Description of the task:
Gather each line containing the string "IfcCartesianPoint" from these entries.
┏━━
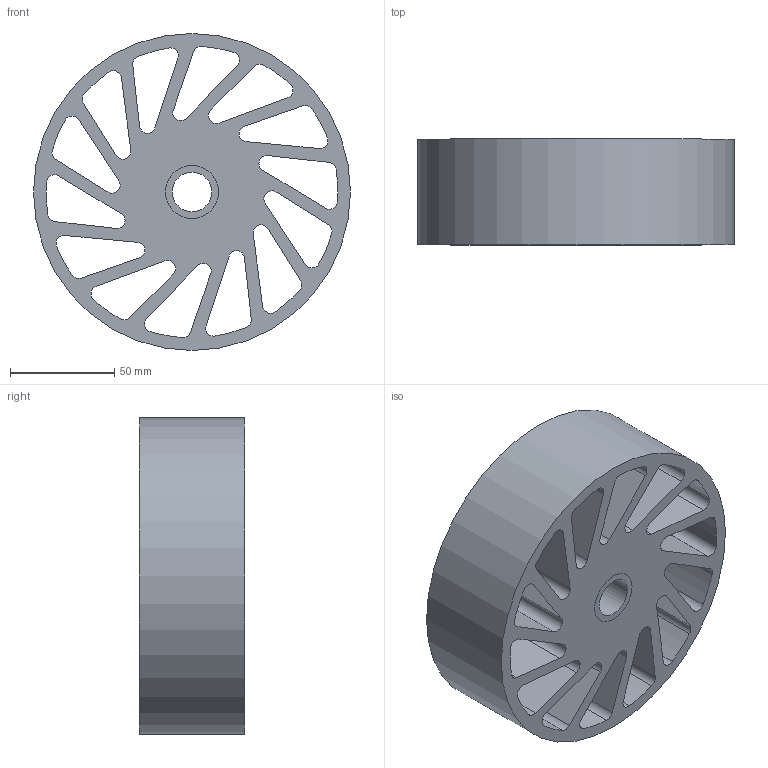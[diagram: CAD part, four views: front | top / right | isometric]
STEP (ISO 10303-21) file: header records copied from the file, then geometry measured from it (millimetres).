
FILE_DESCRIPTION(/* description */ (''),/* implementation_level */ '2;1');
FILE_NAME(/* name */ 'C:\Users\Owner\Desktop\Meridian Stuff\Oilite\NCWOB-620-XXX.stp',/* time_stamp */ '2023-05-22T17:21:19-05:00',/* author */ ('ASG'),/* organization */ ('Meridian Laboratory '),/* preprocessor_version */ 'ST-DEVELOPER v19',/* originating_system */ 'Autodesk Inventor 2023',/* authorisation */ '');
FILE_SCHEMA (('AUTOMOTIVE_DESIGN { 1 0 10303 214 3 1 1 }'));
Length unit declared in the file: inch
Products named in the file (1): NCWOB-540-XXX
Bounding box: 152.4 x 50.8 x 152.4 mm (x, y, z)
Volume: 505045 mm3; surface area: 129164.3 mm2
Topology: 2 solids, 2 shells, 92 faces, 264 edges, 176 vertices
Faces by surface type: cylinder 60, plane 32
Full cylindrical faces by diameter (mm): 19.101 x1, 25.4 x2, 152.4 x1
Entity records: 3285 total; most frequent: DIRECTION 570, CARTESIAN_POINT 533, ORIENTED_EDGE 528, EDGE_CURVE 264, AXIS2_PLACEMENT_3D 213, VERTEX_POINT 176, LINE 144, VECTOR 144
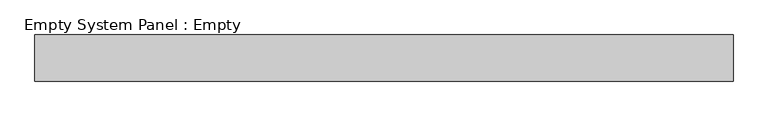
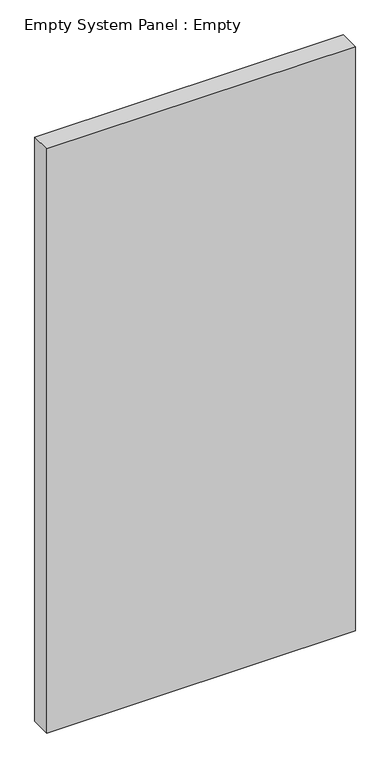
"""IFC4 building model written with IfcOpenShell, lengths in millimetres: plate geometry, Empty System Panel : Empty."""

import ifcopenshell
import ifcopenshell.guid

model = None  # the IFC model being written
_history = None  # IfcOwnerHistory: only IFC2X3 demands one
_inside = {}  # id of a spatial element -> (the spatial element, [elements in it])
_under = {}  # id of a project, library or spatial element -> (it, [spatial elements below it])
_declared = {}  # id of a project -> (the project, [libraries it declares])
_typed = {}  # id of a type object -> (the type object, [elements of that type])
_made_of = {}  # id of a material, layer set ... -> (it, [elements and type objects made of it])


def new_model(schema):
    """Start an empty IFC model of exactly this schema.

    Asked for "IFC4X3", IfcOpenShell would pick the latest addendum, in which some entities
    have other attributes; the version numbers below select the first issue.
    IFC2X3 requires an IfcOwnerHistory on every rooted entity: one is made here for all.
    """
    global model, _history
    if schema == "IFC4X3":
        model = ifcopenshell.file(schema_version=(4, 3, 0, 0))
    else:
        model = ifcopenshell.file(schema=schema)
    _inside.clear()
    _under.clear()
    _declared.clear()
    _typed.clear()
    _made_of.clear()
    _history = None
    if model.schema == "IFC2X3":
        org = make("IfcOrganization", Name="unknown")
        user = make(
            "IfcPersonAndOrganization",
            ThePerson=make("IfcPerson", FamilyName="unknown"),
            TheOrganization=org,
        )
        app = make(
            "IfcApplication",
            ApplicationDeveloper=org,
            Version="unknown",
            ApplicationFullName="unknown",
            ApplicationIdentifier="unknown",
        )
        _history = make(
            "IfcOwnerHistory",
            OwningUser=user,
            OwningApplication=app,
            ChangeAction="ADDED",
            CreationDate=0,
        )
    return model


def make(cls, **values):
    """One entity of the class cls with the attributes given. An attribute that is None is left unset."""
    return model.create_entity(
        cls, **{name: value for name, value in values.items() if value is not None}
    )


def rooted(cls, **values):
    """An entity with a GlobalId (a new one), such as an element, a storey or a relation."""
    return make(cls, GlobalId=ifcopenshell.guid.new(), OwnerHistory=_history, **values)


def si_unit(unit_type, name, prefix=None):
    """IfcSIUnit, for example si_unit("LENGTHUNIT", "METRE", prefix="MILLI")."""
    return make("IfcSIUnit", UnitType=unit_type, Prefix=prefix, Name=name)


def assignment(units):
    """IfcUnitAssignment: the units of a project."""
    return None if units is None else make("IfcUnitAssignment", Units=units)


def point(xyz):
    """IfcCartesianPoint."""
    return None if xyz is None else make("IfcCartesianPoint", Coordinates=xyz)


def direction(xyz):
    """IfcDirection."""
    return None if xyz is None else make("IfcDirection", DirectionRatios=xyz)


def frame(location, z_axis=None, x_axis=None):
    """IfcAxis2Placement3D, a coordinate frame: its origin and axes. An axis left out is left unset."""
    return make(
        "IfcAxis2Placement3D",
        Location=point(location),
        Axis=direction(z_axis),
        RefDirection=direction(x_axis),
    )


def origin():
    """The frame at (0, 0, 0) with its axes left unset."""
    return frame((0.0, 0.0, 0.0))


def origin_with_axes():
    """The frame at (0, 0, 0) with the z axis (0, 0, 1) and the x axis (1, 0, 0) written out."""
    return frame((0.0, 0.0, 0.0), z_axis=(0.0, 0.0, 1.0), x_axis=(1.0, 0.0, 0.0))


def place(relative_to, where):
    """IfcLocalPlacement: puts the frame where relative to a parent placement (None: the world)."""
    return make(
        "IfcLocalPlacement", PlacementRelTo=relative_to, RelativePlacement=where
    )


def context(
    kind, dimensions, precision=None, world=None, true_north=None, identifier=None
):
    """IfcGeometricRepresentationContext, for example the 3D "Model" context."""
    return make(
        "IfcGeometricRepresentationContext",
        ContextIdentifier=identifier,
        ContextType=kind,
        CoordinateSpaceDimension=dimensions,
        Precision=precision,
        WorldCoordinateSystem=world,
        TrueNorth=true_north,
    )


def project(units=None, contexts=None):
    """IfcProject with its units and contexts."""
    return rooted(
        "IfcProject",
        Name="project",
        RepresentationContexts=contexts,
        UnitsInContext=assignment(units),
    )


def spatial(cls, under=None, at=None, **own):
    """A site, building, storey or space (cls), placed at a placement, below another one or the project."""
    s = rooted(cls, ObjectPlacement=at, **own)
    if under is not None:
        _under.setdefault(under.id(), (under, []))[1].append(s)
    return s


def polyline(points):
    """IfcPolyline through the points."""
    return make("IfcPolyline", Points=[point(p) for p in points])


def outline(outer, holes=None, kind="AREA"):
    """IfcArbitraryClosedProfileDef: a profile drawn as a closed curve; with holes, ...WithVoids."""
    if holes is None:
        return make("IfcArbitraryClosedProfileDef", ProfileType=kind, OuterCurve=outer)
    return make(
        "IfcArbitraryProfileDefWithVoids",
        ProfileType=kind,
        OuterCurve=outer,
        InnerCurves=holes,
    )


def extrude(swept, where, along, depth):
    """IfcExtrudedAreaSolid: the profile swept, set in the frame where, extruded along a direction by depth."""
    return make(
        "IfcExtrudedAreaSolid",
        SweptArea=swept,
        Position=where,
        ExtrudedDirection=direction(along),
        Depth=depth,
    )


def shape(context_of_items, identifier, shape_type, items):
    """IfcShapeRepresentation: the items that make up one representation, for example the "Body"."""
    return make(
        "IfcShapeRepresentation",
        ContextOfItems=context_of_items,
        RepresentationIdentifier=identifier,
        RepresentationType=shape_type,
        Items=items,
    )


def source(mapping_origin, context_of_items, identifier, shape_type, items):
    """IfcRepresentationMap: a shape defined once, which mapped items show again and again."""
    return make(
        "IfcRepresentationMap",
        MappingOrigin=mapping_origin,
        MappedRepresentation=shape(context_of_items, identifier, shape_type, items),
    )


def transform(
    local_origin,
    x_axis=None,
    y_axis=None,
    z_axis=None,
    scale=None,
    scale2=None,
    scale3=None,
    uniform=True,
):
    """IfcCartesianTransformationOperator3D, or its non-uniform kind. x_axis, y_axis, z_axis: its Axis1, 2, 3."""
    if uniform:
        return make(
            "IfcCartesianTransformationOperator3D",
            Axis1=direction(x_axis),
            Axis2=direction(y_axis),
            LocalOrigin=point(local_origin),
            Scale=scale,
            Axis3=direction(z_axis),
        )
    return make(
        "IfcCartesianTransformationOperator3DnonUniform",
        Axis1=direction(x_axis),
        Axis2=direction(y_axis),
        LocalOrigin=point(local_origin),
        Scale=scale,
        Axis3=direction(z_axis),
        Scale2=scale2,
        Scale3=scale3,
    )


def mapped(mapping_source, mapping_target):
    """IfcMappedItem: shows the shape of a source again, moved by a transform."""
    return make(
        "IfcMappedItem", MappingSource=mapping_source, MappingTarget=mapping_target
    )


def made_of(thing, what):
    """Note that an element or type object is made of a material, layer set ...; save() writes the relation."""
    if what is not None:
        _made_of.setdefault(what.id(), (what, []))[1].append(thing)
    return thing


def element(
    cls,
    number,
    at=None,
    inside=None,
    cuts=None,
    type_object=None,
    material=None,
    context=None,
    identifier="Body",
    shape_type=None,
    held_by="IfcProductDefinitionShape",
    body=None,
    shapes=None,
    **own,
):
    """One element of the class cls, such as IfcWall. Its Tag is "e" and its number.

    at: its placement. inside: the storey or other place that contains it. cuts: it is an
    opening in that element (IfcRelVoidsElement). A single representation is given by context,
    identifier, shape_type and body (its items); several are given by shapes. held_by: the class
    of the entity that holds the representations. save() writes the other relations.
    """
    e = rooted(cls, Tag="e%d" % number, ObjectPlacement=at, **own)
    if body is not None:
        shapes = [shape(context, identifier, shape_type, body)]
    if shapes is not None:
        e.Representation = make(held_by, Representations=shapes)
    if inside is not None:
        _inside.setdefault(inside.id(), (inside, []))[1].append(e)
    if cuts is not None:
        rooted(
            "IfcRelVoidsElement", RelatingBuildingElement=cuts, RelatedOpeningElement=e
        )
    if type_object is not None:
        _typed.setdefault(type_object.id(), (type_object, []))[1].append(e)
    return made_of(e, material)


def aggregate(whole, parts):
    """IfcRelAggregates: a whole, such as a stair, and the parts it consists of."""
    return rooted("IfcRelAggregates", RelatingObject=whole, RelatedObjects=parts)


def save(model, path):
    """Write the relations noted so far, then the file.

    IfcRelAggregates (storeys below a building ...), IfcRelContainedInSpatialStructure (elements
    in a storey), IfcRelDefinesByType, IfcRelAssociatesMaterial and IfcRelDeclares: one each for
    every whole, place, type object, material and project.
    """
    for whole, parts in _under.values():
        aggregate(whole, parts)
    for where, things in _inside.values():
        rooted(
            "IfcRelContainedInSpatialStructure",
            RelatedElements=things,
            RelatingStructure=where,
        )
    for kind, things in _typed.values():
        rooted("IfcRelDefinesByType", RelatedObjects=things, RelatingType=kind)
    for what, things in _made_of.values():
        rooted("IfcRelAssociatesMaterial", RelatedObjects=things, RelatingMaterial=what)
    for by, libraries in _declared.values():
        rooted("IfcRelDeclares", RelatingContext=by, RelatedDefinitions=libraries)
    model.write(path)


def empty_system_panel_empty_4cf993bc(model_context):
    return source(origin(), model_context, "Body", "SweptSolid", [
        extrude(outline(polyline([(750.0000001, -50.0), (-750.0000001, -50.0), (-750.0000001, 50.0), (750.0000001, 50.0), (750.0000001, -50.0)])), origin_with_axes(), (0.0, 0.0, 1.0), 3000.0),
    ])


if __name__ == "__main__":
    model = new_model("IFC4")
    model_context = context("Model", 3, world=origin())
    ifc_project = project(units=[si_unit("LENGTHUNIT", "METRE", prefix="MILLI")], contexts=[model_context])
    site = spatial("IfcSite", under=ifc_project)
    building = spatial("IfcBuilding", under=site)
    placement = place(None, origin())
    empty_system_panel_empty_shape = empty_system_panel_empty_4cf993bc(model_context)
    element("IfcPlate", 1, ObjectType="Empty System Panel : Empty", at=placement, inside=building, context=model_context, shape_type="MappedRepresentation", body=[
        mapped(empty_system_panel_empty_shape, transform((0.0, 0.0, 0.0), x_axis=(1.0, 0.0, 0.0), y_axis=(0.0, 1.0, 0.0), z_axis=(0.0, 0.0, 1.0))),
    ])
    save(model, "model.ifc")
┗━━
Your response:
    """IfcCartesianPoint."""
    return None if xyz is None else make("IfcCartesianPoint", Coordinates=xyz)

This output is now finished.